_WORK REQUEST:_ Pull every line that holds the word "dxfattribs" from the entries.

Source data

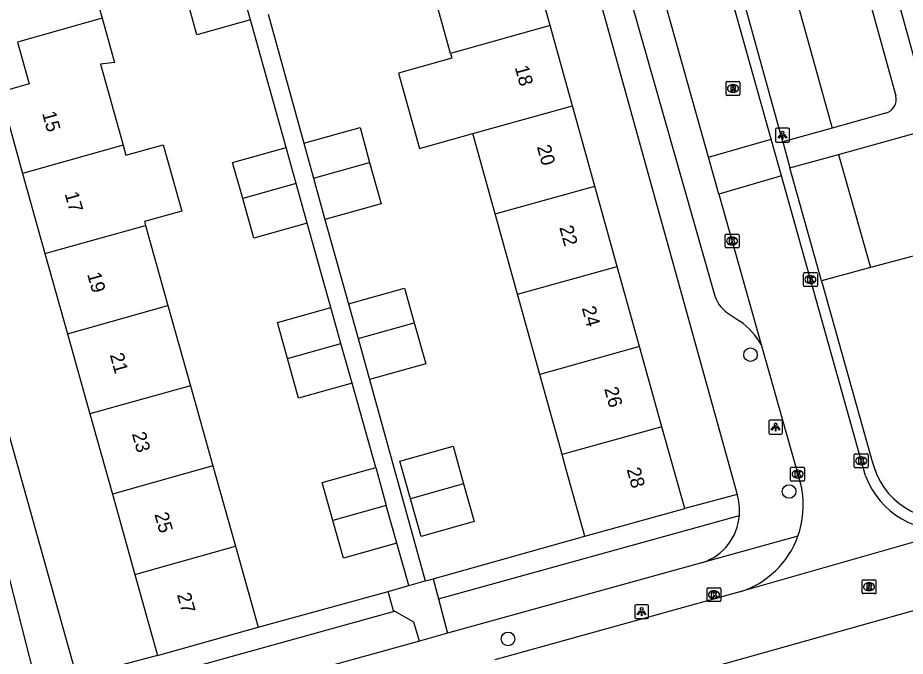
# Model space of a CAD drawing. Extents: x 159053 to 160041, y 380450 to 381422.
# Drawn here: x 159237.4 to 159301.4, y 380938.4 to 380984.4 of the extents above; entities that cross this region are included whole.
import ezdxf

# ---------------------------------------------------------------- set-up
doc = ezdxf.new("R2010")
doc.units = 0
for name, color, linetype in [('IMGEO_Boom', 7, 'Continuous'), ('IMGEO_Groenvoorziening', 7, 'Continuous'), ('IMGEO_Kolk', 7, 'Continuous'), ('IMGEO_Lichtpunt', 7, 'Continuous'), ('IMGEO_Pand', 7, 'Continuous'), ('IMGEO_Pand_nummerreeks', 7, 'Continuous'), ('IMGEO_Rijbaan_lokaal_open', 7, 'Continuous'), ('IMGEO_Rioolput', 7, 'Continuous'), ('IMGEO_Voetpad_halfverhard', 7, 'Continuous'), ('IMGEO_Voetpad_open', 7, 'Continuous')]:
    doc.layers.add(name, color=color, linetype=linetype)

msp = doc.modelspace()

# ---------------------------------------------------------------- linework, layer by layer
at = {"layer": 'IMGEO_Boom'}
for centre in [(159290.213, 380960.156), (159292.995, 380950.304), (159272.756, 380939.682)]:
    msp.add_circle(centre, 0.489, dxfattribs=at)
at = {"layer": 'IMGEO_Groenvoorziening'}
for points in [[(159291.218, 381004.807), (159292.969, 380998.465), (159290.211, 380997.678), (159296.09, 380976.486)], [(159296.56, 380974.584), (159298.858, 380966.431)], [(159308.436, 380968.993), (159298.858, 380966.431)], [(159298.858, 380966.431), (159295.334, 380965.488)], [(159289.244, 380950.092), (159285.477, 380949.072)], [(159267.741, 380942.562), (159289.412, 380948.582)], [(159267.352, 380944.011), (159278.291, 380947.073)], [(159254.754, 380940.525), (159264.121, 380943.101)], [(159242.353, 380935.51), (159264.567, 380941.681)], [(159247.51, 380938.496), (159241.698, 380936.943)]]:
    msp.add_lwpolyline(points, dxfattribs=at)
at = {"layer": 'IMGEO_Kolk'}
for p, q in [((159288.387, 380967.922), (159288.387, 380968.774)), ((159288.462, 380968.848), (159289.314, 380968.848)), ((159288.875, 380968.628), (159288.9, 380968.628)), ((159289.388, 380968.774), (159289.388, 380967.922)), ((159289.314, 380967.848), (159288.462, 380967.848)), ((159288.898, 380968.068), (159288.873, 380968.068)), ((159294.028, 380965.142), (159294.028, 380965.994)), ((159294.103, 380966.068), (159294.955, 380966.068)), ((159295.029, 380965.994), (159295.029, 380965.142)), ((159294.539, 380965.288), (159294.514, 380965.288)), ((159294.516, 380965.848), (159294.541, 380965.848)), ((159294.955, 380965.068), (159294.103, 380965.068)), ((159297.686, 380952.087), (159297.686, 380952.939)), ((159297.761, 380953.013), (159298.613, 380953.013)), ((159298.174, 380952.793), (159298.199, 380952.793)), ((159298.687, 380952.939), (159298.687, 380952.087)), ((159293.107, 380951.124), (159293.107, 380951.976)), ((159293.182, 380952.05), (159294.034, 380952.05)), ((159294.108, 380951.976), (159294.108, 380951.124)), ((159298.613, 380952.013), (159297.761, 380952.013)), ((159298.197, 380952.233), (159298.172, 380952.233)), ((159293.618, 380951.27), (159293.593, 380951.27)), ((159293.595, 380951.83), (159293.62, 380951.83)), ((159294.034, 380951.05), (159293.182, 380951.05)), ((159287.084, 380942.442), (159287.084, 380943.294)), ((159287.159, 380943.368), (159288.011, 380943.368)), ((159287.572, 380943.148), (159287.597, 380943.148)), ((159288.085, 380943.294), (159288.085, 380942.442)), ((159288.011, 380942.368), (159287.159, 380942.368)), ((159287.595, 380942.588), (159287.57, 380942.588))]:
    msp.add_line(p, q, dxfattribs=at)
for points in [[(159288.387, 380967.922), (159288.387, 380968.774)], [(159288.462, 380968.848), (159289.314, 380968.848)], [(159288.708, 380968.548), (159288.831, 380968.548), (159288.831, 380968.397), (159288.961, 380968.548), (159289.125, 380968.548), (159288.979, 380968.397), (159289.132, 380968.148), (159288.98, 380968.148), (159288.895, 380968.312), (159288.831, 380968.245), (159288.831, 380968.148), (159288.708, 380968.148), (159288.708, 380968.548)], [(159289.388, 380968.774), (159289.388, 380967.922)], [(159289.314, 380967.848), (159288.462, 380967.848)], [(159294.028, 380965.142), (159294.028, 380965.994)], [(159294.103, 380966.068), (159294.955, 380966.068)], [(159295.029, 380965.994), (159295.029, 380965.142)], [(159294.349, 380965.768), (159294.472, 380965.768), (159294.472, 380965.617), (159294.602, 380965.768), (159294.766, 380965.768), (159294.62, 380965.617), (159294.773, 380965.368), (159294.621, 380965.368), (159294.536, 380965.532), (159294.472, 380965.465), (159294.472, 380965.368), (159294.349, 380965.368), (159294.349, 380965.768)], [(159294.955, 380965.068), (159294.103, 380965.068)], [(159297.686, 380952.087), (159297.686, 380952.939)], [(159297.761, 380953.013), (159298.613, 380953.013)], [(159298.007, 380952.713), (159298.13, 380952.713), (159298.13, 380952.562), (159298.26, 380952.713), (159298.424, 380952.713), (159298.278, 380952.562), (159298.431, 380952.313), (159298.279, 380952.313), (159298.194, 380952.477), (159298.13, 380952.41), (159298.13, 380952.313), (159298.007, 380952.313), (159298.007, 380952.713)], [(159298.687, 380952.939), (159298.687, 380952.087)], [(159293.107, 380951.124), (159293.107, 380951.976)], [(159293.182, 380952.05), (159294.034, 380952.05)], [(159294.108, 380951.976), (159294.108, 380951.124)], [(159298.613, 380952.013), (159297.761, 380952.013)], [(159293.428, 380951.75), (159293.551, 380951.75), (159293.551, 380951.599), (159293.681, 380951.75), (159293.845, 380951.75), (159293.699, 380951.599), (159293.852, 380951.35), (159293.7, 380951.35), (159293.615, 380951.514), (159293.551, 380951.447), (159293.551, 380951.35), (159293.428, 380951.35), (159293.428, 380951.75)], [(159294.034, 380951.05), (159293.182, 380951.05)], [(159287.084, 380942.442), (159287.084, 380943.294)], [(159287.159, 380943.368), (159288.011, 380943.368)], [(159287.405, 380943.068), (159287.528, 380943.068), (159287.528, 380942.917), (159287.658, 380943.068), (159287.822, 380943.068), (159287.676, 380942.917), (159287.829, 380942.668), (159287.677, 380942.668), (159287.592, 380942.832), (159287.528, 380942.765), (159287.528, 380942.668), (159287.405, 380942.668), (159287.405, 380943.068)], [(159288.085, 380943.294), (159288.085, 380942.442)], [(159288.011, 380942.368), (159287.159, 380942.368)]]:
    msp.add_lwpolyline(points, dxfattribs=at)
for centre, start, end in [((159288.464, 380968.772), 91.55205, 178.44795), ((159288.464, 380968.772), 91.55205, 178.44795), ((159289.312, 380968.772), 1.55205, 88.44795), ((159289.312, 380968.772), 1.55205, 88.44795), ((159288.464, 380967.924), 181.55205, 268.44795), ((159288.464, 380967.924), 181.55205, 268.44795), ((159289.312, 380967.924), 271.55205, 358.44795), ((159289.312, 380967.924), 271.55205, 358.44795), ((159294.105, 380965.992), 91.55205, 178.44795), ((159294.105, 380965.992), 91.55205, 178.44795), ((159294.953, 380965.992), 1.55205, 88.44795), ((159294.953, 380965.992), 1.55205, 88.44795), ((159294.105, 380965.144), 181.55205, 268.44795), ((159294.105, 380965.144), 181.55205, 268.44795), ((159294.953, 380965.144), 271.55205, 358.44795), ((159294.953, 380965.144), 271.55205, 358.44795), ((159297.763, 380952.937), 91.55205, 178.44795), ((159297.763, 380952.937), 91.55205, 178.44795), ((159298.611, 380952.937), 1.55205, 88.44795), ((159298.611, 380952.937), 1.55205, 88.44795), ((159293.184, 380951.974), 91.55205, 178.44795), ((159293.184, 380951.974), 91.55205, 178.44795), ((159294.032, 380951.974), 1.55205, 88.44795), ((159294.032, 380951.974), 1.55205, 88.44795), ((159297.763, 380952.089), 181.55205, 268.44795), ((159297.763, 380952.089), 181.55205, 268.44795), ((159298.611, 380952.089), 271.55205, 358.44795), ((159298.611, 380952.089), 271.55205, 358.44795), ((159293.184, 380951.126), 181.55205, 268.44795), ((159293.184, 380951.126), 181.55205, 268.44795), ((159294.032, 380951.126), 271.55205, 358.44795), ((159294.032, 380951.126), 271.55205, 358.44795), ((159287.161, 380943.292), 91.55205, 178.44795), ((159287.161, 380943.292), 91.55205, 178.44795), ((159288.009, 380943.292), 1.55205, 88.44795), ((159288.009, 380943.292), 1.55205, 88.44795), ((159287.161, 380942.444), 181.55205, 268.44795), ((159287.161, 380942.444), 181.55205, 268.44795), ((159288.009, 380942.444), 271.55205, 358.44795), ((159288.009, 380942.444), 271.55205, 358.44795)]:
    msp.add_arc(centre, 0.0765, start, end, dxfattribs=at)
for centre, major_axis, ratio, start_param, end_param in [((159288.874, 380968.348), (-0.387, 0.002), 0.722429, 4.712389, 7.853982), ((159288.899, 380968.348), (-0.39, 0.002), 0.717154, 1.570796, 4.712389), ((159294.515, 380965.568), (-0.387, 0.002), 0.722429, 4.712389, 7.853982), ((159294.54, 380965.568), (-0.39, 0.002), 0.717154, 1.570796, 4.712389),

_SOLUTION FOR THIS TASK:_
    msp.add_circle(centre, 0.489, dxfattribs=at)
    msp.add_lwpolyline(points, dxfattribs=at)
    msp.add_line(p, q, dxfattribs=at)
    msp.add_lwpolyline(points, dxfattribs=at)
    msp.add_arc(centre, 0.0765, start, end, dxfattribs=at)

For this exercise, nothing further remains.